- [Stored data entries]
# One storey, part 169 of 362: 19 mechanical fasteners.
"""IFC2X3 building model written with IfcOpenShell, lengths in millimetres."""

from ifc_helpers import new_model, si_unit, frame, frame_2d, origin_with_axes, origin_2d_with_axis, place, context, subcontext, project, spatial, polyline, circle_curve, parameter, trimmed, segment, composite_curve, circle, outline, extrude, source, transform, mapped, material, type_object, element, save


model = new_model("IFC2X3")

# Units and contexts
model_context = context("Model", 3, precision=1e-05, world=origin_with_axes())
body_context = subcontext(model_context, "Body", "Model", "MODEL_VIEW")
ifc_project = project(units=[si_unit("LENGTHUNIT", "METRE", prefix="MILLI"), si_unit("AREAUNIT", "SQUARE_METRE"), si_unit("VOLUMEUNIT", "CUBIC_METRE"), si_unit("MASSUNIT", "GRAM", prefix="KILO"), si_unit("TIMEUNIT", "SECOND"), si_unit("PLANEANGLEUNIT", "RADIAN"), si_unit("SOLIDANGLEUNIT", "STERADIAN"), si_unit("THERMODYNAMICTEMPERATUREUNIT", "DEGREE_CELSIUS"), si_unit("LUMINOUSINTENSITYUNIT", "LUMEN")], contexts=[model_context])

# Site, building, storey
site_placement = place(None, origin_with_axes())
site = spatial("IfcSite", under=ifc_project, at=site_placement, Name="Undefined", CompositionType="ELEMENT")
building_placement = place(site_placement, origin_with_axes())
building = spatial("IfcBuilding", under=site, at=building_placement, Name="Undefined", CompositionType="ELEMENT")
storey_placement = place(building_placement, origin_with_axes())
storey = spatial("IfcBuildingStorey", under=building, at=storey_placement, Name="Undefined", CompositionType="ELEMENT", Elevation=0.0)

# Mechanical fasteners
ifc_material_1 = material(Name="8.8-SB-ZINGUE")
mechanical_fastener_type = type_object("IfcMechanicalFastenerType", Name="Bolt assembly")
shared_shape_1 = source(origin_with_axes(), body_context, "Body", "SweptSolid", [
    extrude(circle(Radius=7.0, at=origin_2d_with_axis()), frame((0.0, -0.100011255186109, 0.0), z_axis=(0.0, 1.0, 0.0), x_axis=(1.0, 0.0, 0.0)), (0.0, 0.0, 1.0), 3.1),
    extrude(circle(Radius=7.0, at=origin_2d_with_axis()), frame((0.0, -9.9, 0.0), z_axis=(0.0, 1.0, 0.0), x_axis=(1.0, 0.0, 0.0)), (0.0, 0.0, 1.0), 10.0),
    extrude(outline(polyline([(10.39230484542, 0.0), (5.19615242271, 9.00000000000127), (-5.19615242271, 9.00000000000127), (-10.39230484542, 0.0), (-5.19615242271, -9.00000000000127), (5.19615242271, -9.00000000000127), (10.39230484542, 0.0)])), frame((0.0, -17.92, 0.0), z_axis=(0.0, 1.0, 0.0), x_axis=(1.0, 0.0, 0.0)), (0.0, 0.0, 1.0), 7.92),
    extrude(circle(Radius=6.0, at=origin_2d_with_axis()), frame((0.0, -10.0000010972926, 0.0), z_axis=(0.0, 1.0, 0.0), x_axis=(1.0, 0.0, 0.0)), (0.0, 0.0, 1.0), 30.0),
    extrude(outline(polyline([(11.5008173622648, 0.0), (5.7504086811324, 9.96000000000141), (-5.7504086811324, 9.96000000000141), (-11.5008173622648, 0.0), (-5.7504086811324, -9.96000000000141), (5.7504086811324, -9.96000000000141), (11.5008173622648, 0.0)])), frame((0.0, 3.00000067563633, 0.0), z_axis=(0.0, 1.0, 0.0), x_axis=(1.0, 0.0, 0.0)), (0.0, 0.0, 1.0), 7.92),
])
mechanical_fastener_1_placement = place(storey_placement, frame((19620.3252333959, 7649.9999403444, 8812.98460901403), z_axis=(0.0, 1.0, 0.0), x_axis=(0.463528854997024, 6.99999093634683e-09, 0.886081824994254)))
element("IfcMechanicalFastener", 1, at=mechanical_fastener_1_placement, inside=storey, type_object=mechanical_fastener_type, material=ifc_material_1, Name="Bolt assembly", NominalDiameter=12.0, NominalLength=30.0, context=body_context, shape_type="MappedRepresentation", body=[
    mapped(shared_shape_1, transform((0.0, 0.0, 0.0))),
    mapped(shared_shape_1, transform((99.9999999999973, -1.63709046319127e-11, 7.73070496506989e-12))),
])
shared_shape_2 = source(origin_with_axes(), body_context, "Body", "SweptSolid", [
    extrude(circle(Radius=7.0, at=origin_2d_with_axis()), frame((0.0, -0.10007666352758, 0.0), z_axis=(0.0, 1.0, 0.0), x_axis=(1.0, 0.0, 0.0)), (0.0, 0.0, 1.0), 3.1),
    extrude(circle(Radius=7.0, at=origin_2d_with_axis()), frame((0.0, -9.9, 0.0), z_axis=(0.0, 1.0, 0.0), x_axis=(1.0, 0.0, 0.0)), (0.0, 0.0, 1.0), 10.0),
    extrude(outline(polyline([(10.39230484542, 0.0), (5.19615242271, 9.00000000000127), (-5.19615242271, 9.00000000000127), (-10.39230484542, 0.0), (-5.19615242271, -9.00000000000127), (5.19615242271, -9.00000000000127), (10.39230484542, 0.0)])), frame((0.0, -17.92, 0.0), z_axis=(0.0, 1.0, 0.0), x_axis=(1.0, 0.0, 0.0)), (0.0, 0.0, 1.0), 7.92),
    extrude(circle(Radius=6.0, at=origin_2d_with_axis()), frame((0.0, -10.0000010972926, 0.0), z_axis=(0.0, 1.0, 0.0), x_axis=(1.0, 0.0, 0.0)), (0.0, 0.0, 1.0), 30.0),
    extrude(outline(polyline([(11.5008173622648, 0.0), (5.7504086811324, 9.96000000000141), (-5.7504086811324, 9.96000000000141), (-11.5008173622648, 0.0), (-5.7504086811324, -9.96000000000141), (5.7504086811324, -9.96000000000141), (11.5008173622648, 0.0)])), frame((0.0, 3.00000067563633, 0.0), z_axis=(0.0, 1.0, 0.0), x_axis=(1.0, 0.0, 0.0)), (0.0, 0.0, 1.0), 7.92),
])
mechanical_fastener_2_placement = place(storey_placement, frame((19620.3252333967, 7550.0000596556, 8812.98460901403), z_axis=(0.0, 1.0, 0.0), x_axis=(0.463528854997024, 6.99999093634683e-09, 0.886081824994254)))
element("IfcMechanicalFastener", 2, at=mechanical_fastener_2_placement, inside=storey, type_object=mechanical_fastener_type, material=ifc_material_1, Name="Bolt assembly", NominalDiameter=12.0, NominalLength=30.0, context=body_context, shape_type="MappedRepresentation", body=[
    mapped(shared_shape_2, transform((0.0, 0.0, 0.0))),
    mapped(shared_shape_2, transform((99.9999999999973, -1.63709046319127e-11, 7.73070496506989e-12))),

- [WORK REQUEST] Each record above has to be retyped exactly, with nothing left out.

- [OUTPUT BELOW]
# One storey, part 169 of 362: 19 mechanical fasteners.
"""IFC2X3 building model written with IfcOpenShell, lengths in millimetres."""

from ifc_helpers import new_model, si_unit, frame, frame_2d, origin_with_axes, origin_2d_with_axis, place, context, subcontext, project, spatial, polyline, circle_curve, parameter, trimmed, segment, composite_curve, circle, outline, extrude, source, transform, mapped, material, type_object, element, save


model = new_model("IFC2X3")

# Units and contexts
model_context = context("Model", 3, precision=1e-05, world=origin_with_axes())
body_context = subcontext(model_context, "Body", "Model", "MODEL_VIEW")
ifc_project = project(units=[si_unit("LENGTHUNIT", "METRE", prefix="MILLI"), si_unit("AREAUNIT", "SQUARE_METRE"), si_unit("VOLUMEUNIT", "CUBIC_METRE"), si_unit("MASSUNIT", "GRAM", prefix="KILO"), si_unit("TIMEUNIT", "SECOND"), si_unit("PLANEANGLEUNIT", "RADIAN"), si_unit("SOLIDANGLEUNIT", "STERADIAN"), si_unit("THERMODYNAMICTEMPERATUREUNIT", "DEGREE_CELSIUS"), si_unit("LUMINOUSINTENSITYUNIT", "LUMEN")], contexts=[model_context])

# Site, building, storey
site_placement = place(None, origin_with_axes())
site = spatial("IfcSite", under=ifc_project, at=site_placement, Name="Undefined", CompositionType="ELEMENT")
building_placement = place(site_placement, origin_with_axes())
building = spatial("IfcBuilding", under=site, at=building_placement, Name="Undefined", CompositionType="ELEMENT")
storey_placement = place(building_placement, origin_with_axes())
storey = spatial("IfcBuildingStorey", under=building, at=storey_placement, Name="Undefined", CompositionType="ELEMENT", Elevation=0.0)

# Mechanical fasteners
ifc_material_1 = material(Name="8.8-SB-ZINGUE")
mechanical_fastener_type = type_object("IfcMechanicalFastenerType", Name="Bolt assembly")
shared_shape_1 = source(origin_with_axes(), body_context, "Body", "SweptSolid", [
    extrude(circle(Radius=7.0, at=origin_2d_with_axis()), frame((0.0, -0.100011255186109, 0.0), z_axis=(0.0, 1.0, 0.0), x_axis=(1.0, 0.0, 0.0)), (0.0, 0.0, 1.0), 3.1),
    extrude(circle(Radius=7.0, at=origin_2d_with_axis()), frame((0.0, -9.9, 0.0), z_axis=(0.0, 1.0, 0.0), x_axis=(1.0, 0.0, 0.0)), (0.0, 0.0, 1.0), 10.0),
    extrude(outline(polyline([(10.39230484542, 0.0), (5.19615242271, 9.00000000000127), (-5.19615242271, 9.00000000000127), (-10.39230484542, 0.0), (-5.19615242271, -9.00000000000127), (5.19615242271, -9.00000000000127), (10.39230484542, 0.0)])), frame((0.0, -17.92, 0.0), z_axis=(0.0, 1.0, 0.0), x_axis=(1.0, 0.0, 0.0)), (0.0, 0.0, 1.0), 7.92),
    extrude(circle(Radius=6.0, at=origin_2d_with_axis()), frame((0.0, -10.0000010972926, 0.0), z_axis=(0.0, 1.0, 0.0), x_axis=(1.0, 0.0, 0.0)), (0.0, 0.0, 1.0), 30.0),
    extrude(outline(polyline([(11.5008173622648, 0.0), (5.7504086811324, 9.96000000000141), (-5.7504086811324, 9.96000000000141), (-11.5008173622648, 0.0), (-5.7504086811324, -9.96000000000141), (5.7504086811324, -9.96000000000141), (11.5008173622648, 0.0)])), frame((0.0, 3.00000067563633, 0.0), z_axis=(0.0, 1.0, 0.0), x_axis=(1.0, 0.0, 0.0)), (0.0, 0.0, 1.0), 7.92),
])
mechanical_fastener_1_placement = place(storey_placement, frame((19620.3252333959, 7649.9999403444, 8812.98460901403), z_axis=(0.0, 1.0, 0.0), x_axis=(0.463528854997024, 6.99999093634683e-09, 0.886081824994254)))
element("IfcMechanicalFastener", 1, at=mechanical_fastener_1_placement, inside=storey, type_object=mechanical_fastener_type, material=ifc_material_1, Name="Bolt assembly", NominalDiameter=12.0, NominalLength=30.0, context=body_context, shape_type="MappedRepresentation", body=[
    mapped(shared_shape_1, transform((0.0, 0.0, 0.0))),
    mapped(shared_shape_1, transform((99.9999999999973, -1.63709046319127e-11, 7.73070496506989e-12))),
])
shared_shape_2 = source(origin_with_axes(), body_context, "Body", "SweptSolid", [
    extrude(circle(Radius=7.0, at=origin_2d_with_axis()), frame((0.0, -0.10007666352758, 0.0), z_axis=(0.0, 1.0, 0.0), x_axis=(1.0, 0.0, 0.0)), (0.0, 0.0, 1.0), 3.1),
    extrude(circle(Radius=7.0, at=origin_2d_with_axis()), frame((0.0, -9.9, 0.0), z_axis=(0.0, 1.0, 0.0), x_axis=(1.0, 0.0, 0.0)), (0.0, 0.0, 1.0), 10.0),
    extrude(outline(polyline([(10.39230484542, 0.0), (5.19615242271, 9.00000000000127), (-5.19615242271, 9.00000000000127), (-10.39230484542, 0.0), (-5.19615242271, -9.00000000000127), (5.19615242271, -9.00000000000127), (10.39230484542, 0.0)])), frame((0.0, -17.92, 0.0), z_axis=(0.0, 1.0, 0.0), x_axis=(1.0, 0.0, 0.0)), (0.0, 0.0, 1.0), 7.92),
    extrude(circle(Radius=6.0, at=origin_2d_with_axis()), frame((0.0, -10.0000010972926, 0.0), z_axis=(0.0, 1.0, 0.0), x_axis=(1.0, 0.0, 0.0)), (0.0, 0.0, 1.0), 30.0),
    extrude(outline(polyline([(11.5008173622648, 0.0), (5.7504086811324, 9.96000000000141), (-5.7504086811324, 9.96000000000141), (-11.5008173622648, 0.0), (-5.7504086811324, -9.96000000000141), (5.7504086811324, -9.96000000000141), (11.5008173622648, 0.0)])), frame((0.0, 3.00000067563633, 0.0), z_axis=(0.0, 1.0, 0.0), x_axis=(1.0, 0.0, 0.0)), (0.0, 0.0, 1.0), 7.92),
])
mechanical_fastener_2_placement = place(storey_placement, frame((19620.3252333967, 7550.0000596556, 8812.98460901403), z_axis=(0.0, 1.0, 0.0), x_axis=(0.463528854997024, 6.99999093634683e-09, 0.886081824994254)))
element("IfcMechanicalFastener", 2, at=mechanical_fastener_2_placement, inside=storey, type_object=mechanical_fastener_type, material=ifc_material_1, Name="Bolt assembly", NominalDiameter=12.0, NominalLength=30.0, context=body_context, shape_type="MappedRepresentation", body=[
    mapped(shared_shape_2, transform((0.0, 0.0, 0.0))),
    mapped(shared_shape_2, transform((99.9999999999973, -1.63709046319127e-11, 7.73070496506989e-12))),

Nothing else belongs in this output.